Every time I hear the term I cringe — and not just because I’m a republican and the idea of inherited titles strikes me as absurd and offensive. I don’t call my daughter princess because once you get beyond the tiara, big hair and the sparkly dresses, there’s not much left. 

Princesses rarely act, but are acted upon. Their lives are scripted out before them and their identity is permanently linked to a man or, at the very least, patriarchal institutions. They lack spontaneity and are confined to a life of being looked at from within a gilded cage. 

Princesses in popular culture are either boringly passive or have an overbearing sense of entitlement. 

Of course when people call my daughter a ‘Princess’, they mean it as a term of endearment. It’s supposed to send the message that she’s special or ought to be treated in a special way. But once girls hit puberty, the term loses its gloss. 

It’s not for nothing that the phrase ‘Suck it up princess’ is thrown at anyone — woman or man —who’s perceived to be work-shy or weak. It’s a rather unsubtle way of telling someone to get over themselves. 

If we don’t like princess traits when we see them in adults, then why would we want to encourage them in girls? 

Referring to girls as ‘Princess’ is a form of benevolent sexism: sexism that appears on the surface to be positive, and is often done out of good intentions, but ends up restricting women within narrow confines of traditional gender models. 

Putting girls on a pedestal reinforces traditionally gendered behaviour and conforms to cultural norms about how girls and women are ‘supposed’ to act: passive, lacking agency or autonomy, and always well groomed. 

Just look at real-life princesses such as Kate Middleton and Mary Donaldson. They’re lauded for their looks and the fact that they were ‘chosen’ by a posh bloke who owns property and palaces. One of the only ways they can express themselves is through their selection of frocks. Even then, this can apparently be overruled by their mother-in-law. 

As Hilary Mantel observed of Kate Middleton in the London Review of Books, ‘Kate seems to have been selected for her role of princess because she was irreproachable: as painfully thin as anyone could wish, without quirks, without oddities, without the risk of the emergence of character.’ 

Mantel went on to distinguish Kate from Diana, who, up to a point, broke the mould of what a princess should and should not be and, before her death, was alternately praised and punished for her troubles. 

And who cares about Mary Donaldson’s achievements in business or life anymore?
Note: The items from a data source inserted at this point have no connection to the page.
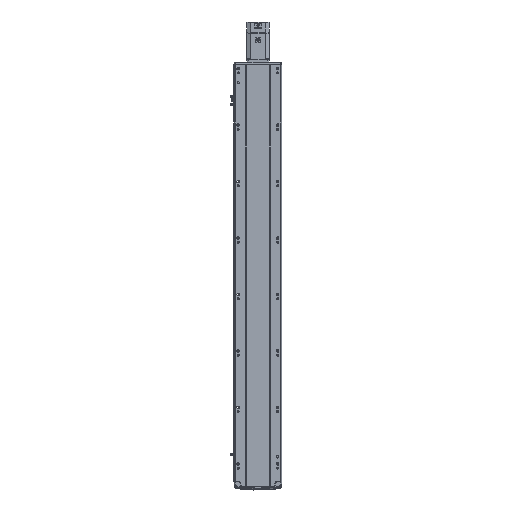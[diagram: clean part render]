
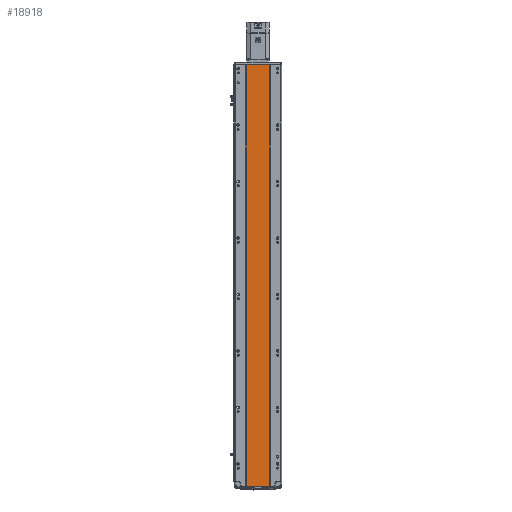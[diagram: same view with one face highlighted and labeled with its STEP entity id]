
A CAD part, front view. The second image highlights one B-rep face of the part: STEP entity #18918.
In plain terms, the highlighted planar face has unit normal (0, -1, 0).
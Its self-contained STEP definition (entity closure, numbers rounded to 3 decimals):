
#386 = LINE ( 'NONE', #6467, #33368 ) ;
#694 = FACE_OUTER_BOUND ( 'NONE', #12143, .T. ) ;
#6467 = CARTESIAN_POINT ( 'NONE',  ( 0., 0.999, 1493.5 ) ) ;
#7734 = DIRECTION ( 'NONE',  ( 0., 0., -1. ) ) ;
#8134 = VERTEX_POINT ( 'NONE', #18486 ) ;
#10708 = DIRECTION ( 'NONE',  ( 1., 0., 0. ) ) ;
#12143 = EDGE_LOOP ( 'NONE', ( #15003, #32383, #53053, #53585 ) ) ;
#15003 = ORIENTED_EDGE ( 'NONE', *, *, #41016, .T. ) ;
#16924 = CARTESIAN_POINT ( 'NONE',  ( 41.793, 0.998, 0. ) ) ;
#16945 = LINE ( 'NONE', #38692, #26769 ) ;
#17029 = EDGE_CURVE ( 'NONE', #39623, #50291, #16945, .T. ) ;
#17250 = EDGE_CURVE ( 'NONE', #39623, #8134, #386, .T. ) ;
#18486 = CARTESIAN_POINT ( 'NONE',  ( 41.793, 0.998, 1493.5 ) ) ;
#18918 = ADVANCED_FACE ( 'NONE', ( #694 ), #51363, .F. ) ;
#18919 = CARTESIAN_POINT ( 'NONE',  ( -41.791, 1., 1493.5 ) ) ;
#21065 = AXIS2_PLACEMENT_3D ( 'NONE', #46778, #30196, #42514 ) ;
#22636 = VECTOR ( 'NONE', #45534, 1000. ) ;
#26769 = VECTOR ( 'NONE', #44033, 1000. ) ;
#30196 = DIRECTION ( 'NONE',  ( 0., 1., 0. ) ) ;
#31217 = VERTEX_POINT ( 'NONE', #16924 ) ;
#31455 = CARTESIAN_POINT ( 'NONE',  ( -41.791, 1., 0. ) ) ;
#32383 = ORIENTED_EDGE ( 'NONE', *, *, #51196, .F. ) ;
#32481 = VECTOR ( 'NONE', #7734, 1000. ) ;
#33368 = VECTOR ( 'NONE', #10708, 1000. ) ;
#35784 = LINE ( 'NONE', #40178, #32481 ) ;
#38692 = CARTESIAN_POINT ( 'NONE',  ( -41.791, 1., 1493.5 ) ) ;
#39113 = LINE ( 'NONE', #48532, #22636 ) ;
#39623 = VERTEX_POINT ( 'NONE', #18919 ) ;
#40178 = CARTESIAN_POINT ( 'NONE',  ( 41.793, 0.998, 1493.5 ) ) ;
#41016 = EDGE_CURVE ( 'NONE', #50291, #31217, #39113, .T. ) ;
#42514 = DIRECTION ( 'NONE',  ( -1., 0., 0. ) ) ;
#44033 = DIRECTION ( 'NONE',  ( 0., 0., -1. ) ) ;
#45534 = DIRECTION ( 'NONE',  ( 1., 0., 0. ) ) ;
#46778 = CARTESIAN_POINT ( 'NONE',  ( 0., 0.999, 1493.5 ) ) ;
#48532 = CARTESIAN_POINT ( 'NONE',  ( 0., 0.999, 0. ) ) ;
#50291 = VERTEX_POINT ( 'NONE', #31455 ) ;
#51196 = EDGE_CURVE ( 'NONE', #8134, #31217, #35784, .T. ) ;
#51363 = PLANE ( 'NONE',  #21065 ) ;
#53053 = ORIENTED_EDGE ( 'NONE', *, *, #17250, .F. ) ;
#53585 = ORIENTED_EDGE ( 'NONE', *, *, #17029, .T. ) ;
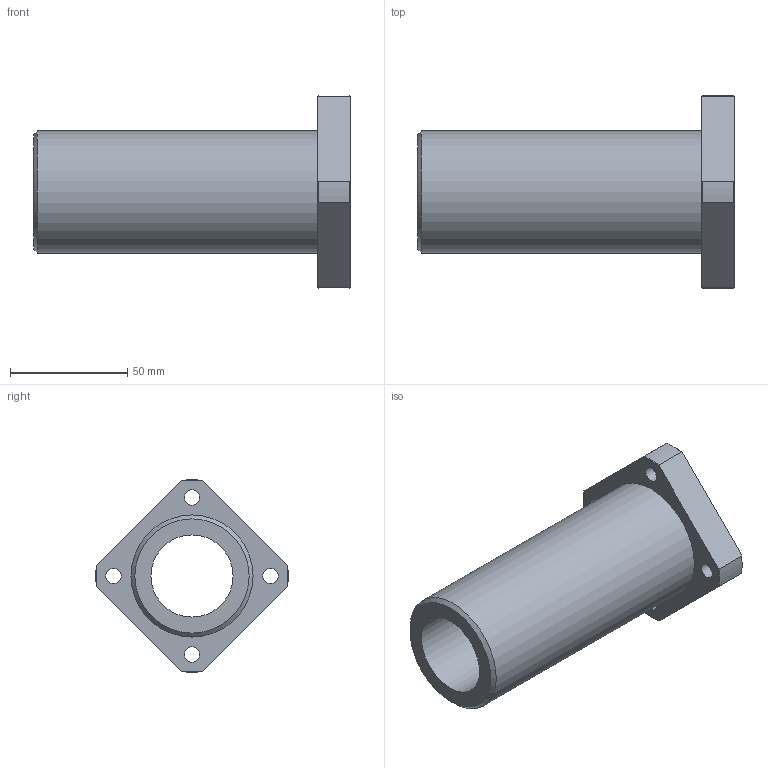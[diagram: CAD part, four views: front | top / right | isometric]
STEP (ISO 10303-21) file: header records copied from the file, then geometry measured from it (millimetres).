
FILE_DESCRIPTION(('STEP AP203'),'1');
FILE_NAME('//192.168.1.1/share/s-4 技術開発/s-4-4_CAD/s-4-4-3_見直し済み/PBC LINEAR修正済み/DFPJ/DFPJ_TOP/DFPJ/DFPJ35.step','2022-03-24T05:03:36',(' '),(' '),'Spatial InterOp 3D',' ',' ');
FILE_SCHEMA(('CONFIG_CONTROL_DESIGN'));
Length unit declared in the file: millimetre
Products named in the file (1): 1
Bounding box: 135 x 81.94 x 81.94 mm (x, y, z)
Volume: 179756.6 mm3; surface area: 45156.5 mm2
Topology: 1 solids, 1 shells, 34 faces, 86 edges, 59 vertices
Faces by surface type: cylinder 14, plane 11, cone 9
Full cylindrical faces by diameter (mm): 6.6 x4, 11 x4, 35 x1, 52 x1
Entity records: 1018 total; most frequent: CARTESIAN_POINT 205, DIRECTION 160, ORIENTED_EDGE 138, AXIS2_PLACEMENT_3D 72, EDGE_CURVE 69, EDGE_LOOP 60, VERTEX_POINT 53, FACE_OUTER_BOUND 44

In the media and the popular imagination, she’s a baby machine with a nice wardrobe. 

My daughter will have to contend with enough social, cultural and economic pressures to conform to stereotypes, so why would I add to them? 

And there are so many alternatives roles for girls to explore without going near a pink frou-frou dress, such as warrior, detective or explorer. All of these appeal to girls. Katniss Everdeen has captured girls’ hearts and imaginations with her warrior ways while Dora the Explorer has made Nickelodeon a packet with her curiosity and sense of adventure. Or you can simply opt for other adjectives compiled by others, such as smart, curious, a leader, or strong.  


That’s not to say that you can shut out the princess programming altogether. My daughter, for example, dresses as a princess whenever she gets the chance. And she re-enacts the scene in Disney’s Frozen — the story of two princesses who are sisters — on a regular basis. 

When it’s her preference, I don’t have a problem with my daughter playing at being a princess. In fact, when she’s acting out her own fantasies, I encourage it — especially when this involves singing Queen Elsa’s ‘Let it Go’ at the top of her voice while dancing around a shopping centre as she did last weekend. 

But I want it to be playtime and clearly fantasy. I don’t want her to think that this is something to seriously aspire to or to reinforce the identity. I don’t want my daughter to think that she doesn’t have to work hard for what she wants or to think that a life of thwarted ambition and financial dependency is the best she can hope for.  

As the first man in her life who loves her, it’s my job to make sure she knows that she’s worth more than a transaction where she makes herself pretty and compliant in exchange for compliments and a meal ticket.